Starting from scratch, what you are trying to do sounds pretty simple: place N/A after a comma if it is followed by another comma or a newline:
s!,(?=[,\n])!,N/A!g;
Example:
my $rawData = "2008-02-06,8:00 AM,14.0,6.0,59,1027,-9999.0,West,6.9,-,N/A,,Clear\n2008-02-06,9:00 AM,16,6,40,1028,12,WNW,10.4,,,,\n";
use Data::Dumper;
$Data::Dumper::Useqq = $Data::Dumper::Terse = 1;
print Dumper($rawData);
$rawData =~ s!,(?=[,\n])!,N/A!g;
print Dumper($rawData);
Output:
"2008-02-06,8:00 AM,14.0,6.0,59,1027,-9999.0,West,6.9,-,N/A,,Clear\n2008-02-06,9:00 AM,16,6,40,1028,12,WNW,10.4,,,,\n"
"2008-02-06,8:00 AM,14.0,6.0,59,1027,-9999.0,West,6.9,-,N/A,N/A,Clear\n2008-02-06,9:00 AM,16,6,40,1028,12,WNW,10.4,N/A,N/A,N/A,N/A\n"
You could search for
(?<=,)(?=,|$)
and replace that with N/A.
This regex matches the (empty) space between two commas or between a comma and end of line.
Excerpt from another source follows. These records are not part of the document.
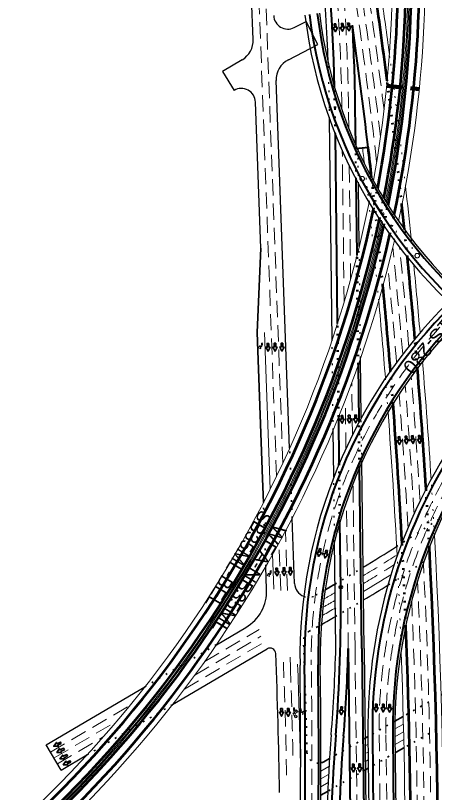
# Model space of a CAD drawing. Extents: x 2329387 to 2347382, y 6951580 to 6987999.
# Drawn here: x 2331270 to 2332013, y 6963710 to 6965088 of the extents above; entities that cross this region are included whole.
import ezdxf

# ---------------------------------------------------------------- set-up
doc = ezdxf.new("R2010")
doc.units = 0
doc.header["$LTSCALE"] = 9.6
doc.header["$PDMODE"] = 32
doc.header["$PDSIZE"] = 4.8
doc.linetypes.add('DOTTED', pattern=[1.5, 0.3, -1.2])
doc.linetypes.add('MEDIUM_DASHED', pattern=[4.5, 3, -1.5])
for name, color, linetype, lineweight in [('26', 7, 'Continuous', 53), ('27', 7, 'Continuous', 40), ('28', 7, 'Continuous', 25), ('29', 7, 'DOTTED', 35), ('30', 7, 'Continuous', 13), ('31', 7, 'Continuous', 53), ('41', 7, 'Continuous', 35), ('50', 7, 'MEDIUM_DASHED', 13)]:
    doc.layers.add(name, color=color, linetype=linetype, lineweight=lineweight)
doc.layers.add('40', color=7, linetype='Continuous')

msp = doc.modelspace()

# ---------------------------------------------------------------- linework, layer by layer
at = {"layer": '26', "lineweight": 13}
for centre, radius, start, end in [((2320619.05, 6963651.709), 11500.156, 4.81964, 8.12796), ((2321018.843, 6963569.511), 11010, 7.56884, 8.12795), ((2321018.843, 6963569.511), 10942, 6.59465, 6.74101), ((2321018.843, 6963569.511), 11010, 5.85732, 6.33967), ((2321018.843, 6963569.511), 11010, 4.9818, 5.60951), ((2321018.843, 6963569.511), 10942, 4.58755, 5.31124), ((2321018.843, 6963569.511), 11010, 3.6232, 4.71273), ((2321018.843, 6963569.511), 10942, 2.92492, 4.27289), ((2320619.05, 6963651.709), 11500.156, 348.37024, 3.35435), ((2321018.843, 6963569.511), 11010, 348.37024, 3.10741), ((2321018.843, 6963569.511), 10942, 352.02498, 2.03298)]:
    msp.add_arc(centre, radius, start, end, dxfattribs=at)
at = {"layer": '26'}
for centre, radius, start, end in [((2321018.843, 6963569.511), 11000, 7.32798, 8.12796), ((2321018.843, 6963569.511), 10952, 6.45748, 6.74101), ((2321018.843, 6963569.511), 11000, 5.94448, 6.17049), ((2321018.843, 6963569.511), 11000, 4.92971, 5.68689), ((2321018.843, 6963569.511), 10952, 4.65202, 5.44726), ((2321018.843, 6963569.511), 11000, 3.53759, 4.65538), ((2321018.843, 6963569.511), 10952, 3.04938, 4.34583), ((2320619.05, 6963651.709), 11510.156, 348.37024, 3.41668), ((2321018.843, 6963569.511), 11000, 348.37024, 2.99621), ((2321018.843, 6963569.511), 10952, 352.02498, 2.27299)]:
    msp.add_arc(centre, radius, start, end, dxfattribs=at)
at = {"layer": '26', "linetype": 'DOTTED', "lineweight": 13}
for radius, start, end in [(11010, 6.33967, 7.56885), (10942, 5.31124, 6.59465), (11010, 5.60951, 5.85732), (10942, 4.27288, 4.58755), (11010, 3.10741, 3.62319), (10942, 2.03298, 2.92492)]:
    msp.add_arc((2321018.843, 6963569.511), radius, start, end, dxfattribs=at)
at = {"layer": '26', "linetype": 'DOTTED'}
for radius, start, end in [(11000, 6.17049, 7.32798), (10952, 5.44726, 6.45748), (11000, 5.68689, 5.94448), (11000, 4.65538, 4.92971), (10952, 4.34583, 4.65202), (11000, 2.99621, 3.53759), (10952, 2.27299, 3.04938)]:
    msp.add_arc((2321018.843, 6963569.511), radius, start, end, dxfattribs=at)
at = {"layer": '27', "linetype": 'DOTTED', "lineweight": 25}
for p, q in [((2331826.653, 6964904.902), (2331826.427, 6964923.822)), ((2331878.034, 6964789.714), (2331877.32, 6964849.442)), ((2331881.731, 6964480.414), (2331879.366, 6964678.281)), ((2331833.253, 6964352.766), (2331831.345, 6964512.419)), ((2331883.947, 6964295.014), (2331883, 6964374.261)), ((2331835.622, 6964154.631), (2331834.252, 6964269.23))]:
    msp.add_line(p, q, dxfattribs=at)
at = {"layer": '27', "linetype": 'DOTTED'}
for p, q in [((2331836.98, 6964877.631), (2331836.426, 6964923.941)), ((2331873.283, 6964852.492), (2331873.21, 6964858.557)), ((2331873.941, 6964797.399), (2331873.283, 6964852.492))]:
    msp.add_line(p, q, dxfattribs=at)
at = {"layer": '27'}
for p, q in [((2331873.21, 6964858.557), (2331872.424, 6964924.371)), ((2331840.993, 6964541.898), (2331836.98, 6964877.631)), ((2331873.283, 6964852.492), (2331895.131, 6964855.075)), ((2331875.549, 6964662.926), (2331873.941, 6964797.399)), ((2331879.086, 6964367.012), (2331877.864, 6964469.25)), ((2331843.965, 6964293.271), (2331842.971, 6964376.46)), ((2331883.89, 6963965.211), (2331880.053, 6964286.126)), ((2331846.61, 6964072.063), (2331845.202, 6964189.819)), ((2331859.891, 6963964.924), (2331864.989, 6963538.523)), ((2331883.889, 6963965.211), (2331888.987, 6963538.81)), ((2331902.724, 6963811.829), (2331905.986, 6963539.014)), ((2331938.722, 6963812.26), (2331941.983, 6963539.444))]:
    msp.add_line(p, q, dxfattribs=at)
at = {"layer": '27', "lineweight": 25}
for p, q in [((2331831.345, 6964512.419), (2331826.653, 6964904.902)), ((2331877.32, 6964849.442), (2331877.278, 6964852.964)), ((2331879.366, 6964678.281), (2331878.034, 6964789.714)), ((2331883, 6964374.261), (2331881.731, 6964480.414)), ((2331834.252, 6964269.23), (2331833.253, 6964352.766)), ((2331887.889, 6963965.259), (2331883.947, 6964295.014)), ((2331837.865, 6963967.009), (2331835.622, 6964154.631)), ((2331887.889, 6963965.259), (2331892.986, 6963538.858)), ((2331894.725, 6963811.734), (2331897.986, 6963538.918)), ((2331942.721, 6963812.307), (2331945.983, 6963539.492))]:
    msp.add_line(p, q, dxfattribs=at)
at = {"layer": '27', "linetype": 'DOTTED', "lineweight": 53}
for p, q in [((2331877.864, 6964469.25), (2331875.549, 6964662.926)), ((2331842.971, 6964376.46), (2331840.993, 6964541.898)), ((2331880.053, 6964286.126), (2331879.086, 6964367.012)), ((2331845.202, 6964189.819), (2331843.965, 6964293.271))]:
    msp.add_line(p, q, dxfattribs=at)
at = {"layer": '27'}
for centre, radius, start, end in [((2339406.145, 6959556.474), 7976, 170.51466, 170.51466), ((2328562.616, 6964884.806), 3274.044, 1.33178, 8.12795), ((2332620.068, 6965189.757), 835, 186.84922, 291.74312), ((2332620.068, 6965189.757), 821, 186.84892, 289.1959), ((2321018.843, 6963569.511), 10952, 6.74101, 7.88061), ((2328562.616, 6964884.806), 3310.044, 0.68489, 3.22698), ((2332663.723, 6963948.074), 881.473, 134.70234, 180.79832), ((2332663.723, 6963948.074), 857.473, 134.61892, 180.79832), ((2332823.658, 6963822.838), 885, 134.33064, 180.6849), ((2332823.658, 6963822.838), 921, 143.69416, 180.6849), ((2328982.002, 6964039.758), 2864.789, 355.42223, 0.68489), ((2328982.002, 6964039.758), 2878.789, 355.42223, 358.51041), ((2319783.502, 6963768.598), 11999.998, 350.71583, 0.79832), ((2319783.502, 6963768.598), 12023.998, 353.14789, 0.79832), ((2334658.491, 6963585.255), 2829.866, 175.42223, 180.70842), ((2334658.491, 6963585.255), 2815.866, 175.42223, 180.70842)]:
    msp.add_arc(centre, radius, start, end, dxfattribs=at)
at = {"layer": '27', "lineweight": 25}
for centre, radius, start, end in [((2328562.616, 6964884.806), 3264.044, 2.09116, 8.12795), ((2332620.068, 6965189.757), 843, 186.84922, 237.06532), ((2332620.068, 6965189.757), 817, 186.84892, 237.40672), ((2332663.723, 6963948.074), 889.473, 134.71934, 180.79832), ((2332663.723, 6963948.074), 853.473, 134.60008, 180.79832), ((2332823.658, 6963822.838), 881, 134.2544, 180.6849), ((2332823.658, 6963822.838), 929, 143.69416, 180.6849), ((2328982.002, 6964039.758), 2856.789, 355.42223, 358.54079), ((2319783.502, 6963768.598), 11991.998, 350.71583, 0.79832), ((2319783.502, 6963768.598), 12027.998, 354.96558, 0.79832), ((2334658.491, 6963585.255), 2837.866, 175.42223, 180.70842)]:
    msp.add_arc(centre, radius, start, end, dxfattribs=at)
at = {"layer": '27', "linetype": 'DOTTED', "lineweight": 25}
msp.add_arc((2328562.616, 6964884.806), 3264.044, 0.68489, 2.09116, dxfattribs=at)
at = {"layer": '27', "linetype": 'DOTTED', "lineweight": 53}
msp.add_arc((2328562.616, 6964884.806), 3274.044, 0.68489, 1.33178, dxfattribs=at)
at = {"layer": '27'}
msp.add_point((2331846.587, 6964074.002), dxfattribs=at)
at = {"layer": '28'}
for p, q in [((2331691.234, 6965045.796), (2331677.775, 6965411.534)), ((2331764.015, 6965067.042), (2331785.234, 6965077.842)), ((2331806.162, 6965036.722), (2331785.234, 6965077.842)), ((2331753.771, 6965010.059), (2331806.162, 6965036.722)), ((2331671.713, 6965009.949), (2331636.656, 6964989.092)), ((2331636.656, 6964989.092), (2331657.488, 6964955.457)), ((2331755.956, 6964320.38), (2331731.941, 6964972.939)), ((2331704.856, 6964675.658), (2331695.314, 6964934.928)), ((2331764.79, 6964080.341), (2331760.509, 6964196.651)), ((2331715.14, 6964069.889), (2331713.633, 6964110.84)), ((2331626.032, 6963971.744), (2331678.258, 6964002.51)), ((2331548.301, 6963865.602), (2331716.226, 6963964.524)), ((2331324.417, 6963794.067), (2331499.279, 6963897.076)), ((2331350.811, 6963749.264), (2331324.417, 6963794.067)), ((2331350.811, 6963749.264), (2331396.54, 6963776.202))]:
    msp.add_line(p, q, dxfattribs=at)
at = {"layer": '28', "lineweight": 35}
for p, q in [((2331704.856, 6964675.658), (2331698.397, 6964525.717)), ((2331707.921, 6964266.048), (2331698.397, 6964525.717)), ((2331957.388, 6963844.479), (2331942.759, 6963836.137)), ((2331894.76, 6963808.763), (2331889.794, 6963805.931)), ((2331958.646, 6963788.789), (2331944.799, 6963780.892)), ((2331826.639, 6963769.914), (2331816.549, 6963764.16)), ((2331895.43, 6963752.737), (2331890.464, 6963749.905)), ((2331823.249, 6963711.573), (2331811.33, 6963704.776))]:
    msp.add_line(p, q, dxfattribs=at)
at = {"layer": '28', "linetype": 'DOTTED', "lineweight": 35}
for p, q in [((2332028.558, 6963828.659), (2331958.646, 6963788.789)), ((2331944.799, 6963780.892), (2331895.43, 6963752.737)), ((2331890.464, 6963749.905), (2331823.249, 6963711.573))]:
    msp.add_line(p, q, dxfattribs=at)
at = {"layer": '28'}
for centre, radius, start, end in [((2331752.675, 6965089.322), 25, 182.10758, 296.97353), ((2331651.261, 6965044.325), 40, 300.75049, 2.10758), ((2331771.914, 6964974.41), 40, 116.97361, 182.10758), ((2331670.331, 6964934.008), 25, 2.10758, 120.91372), ((2329901.512, 6967372.821), 3819.72, 301.30421, 302.3542), ((2331789.773, 6964081.26), 25, 182.10758, 249.57289), ((2329901.512, 6967372.821), 3869.72, 300.86703, 301.63059), ((2331640.191, 6964067.131), 75, 300.50171, 2.10758), ((2329901.512, 6967372.821), 3869.72, 299.58999, 300.01187), ((2331721.301, 6963955.908), 10, 2.26095, 120.5017), ((2321980.757, 6963571.336), 9758.134, 0.81201, 2.26095)]:
    msp.add_arc(centre, radius, start, end, dxfattribs=at)
at = {"layer": '28', "linetype": 'DOTTED'}
for centre, radius, start, end in [((2331789.773, 6964081.26), 25, 249.57289, 299.84149), ((2329901.512, 6967372.821), 3869.72, 299.51695, 299.58999)]:
    msp.add_arc(centre, radius, start, end, dxfattribs=at)
at = {"layer": '29'}
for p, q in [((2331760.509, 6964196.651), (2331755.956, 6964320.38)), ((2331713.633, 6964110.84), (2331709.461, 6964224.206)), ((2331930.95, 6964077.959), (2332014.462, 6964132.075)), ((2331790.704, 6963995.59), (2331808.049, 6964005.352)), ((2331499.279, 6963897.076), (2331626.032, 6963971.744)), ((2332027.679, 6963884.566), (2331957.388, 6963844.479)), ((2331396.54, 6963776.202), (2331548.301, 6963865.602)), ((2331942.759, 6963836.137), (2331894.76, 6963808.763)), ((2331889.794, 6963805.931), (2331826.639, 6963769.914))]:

The quick and dirty hack version:
my $rawData = "2008-02-06,8:00 AM,14.0,6.0,59,1027,-9999.0,West,6.9,-,N/A,,Clear
2008-02-06,9:00 AM,16,6,40,1028,12,WNW,10.4,,,,\n";
while ($rawData =~ s/,,/,N\/A,/g) {};
print $rawData;
Not the fastest code, but the shortest. It should loop through at max twice.
Not a regex, but not too complicated either:
$string = join ",", map{$_ eq "" ? "N/A" : $_} split (/,/, $string,-1);
The ,-1 is needed at the end to force split to include any empty fields at the end of the string.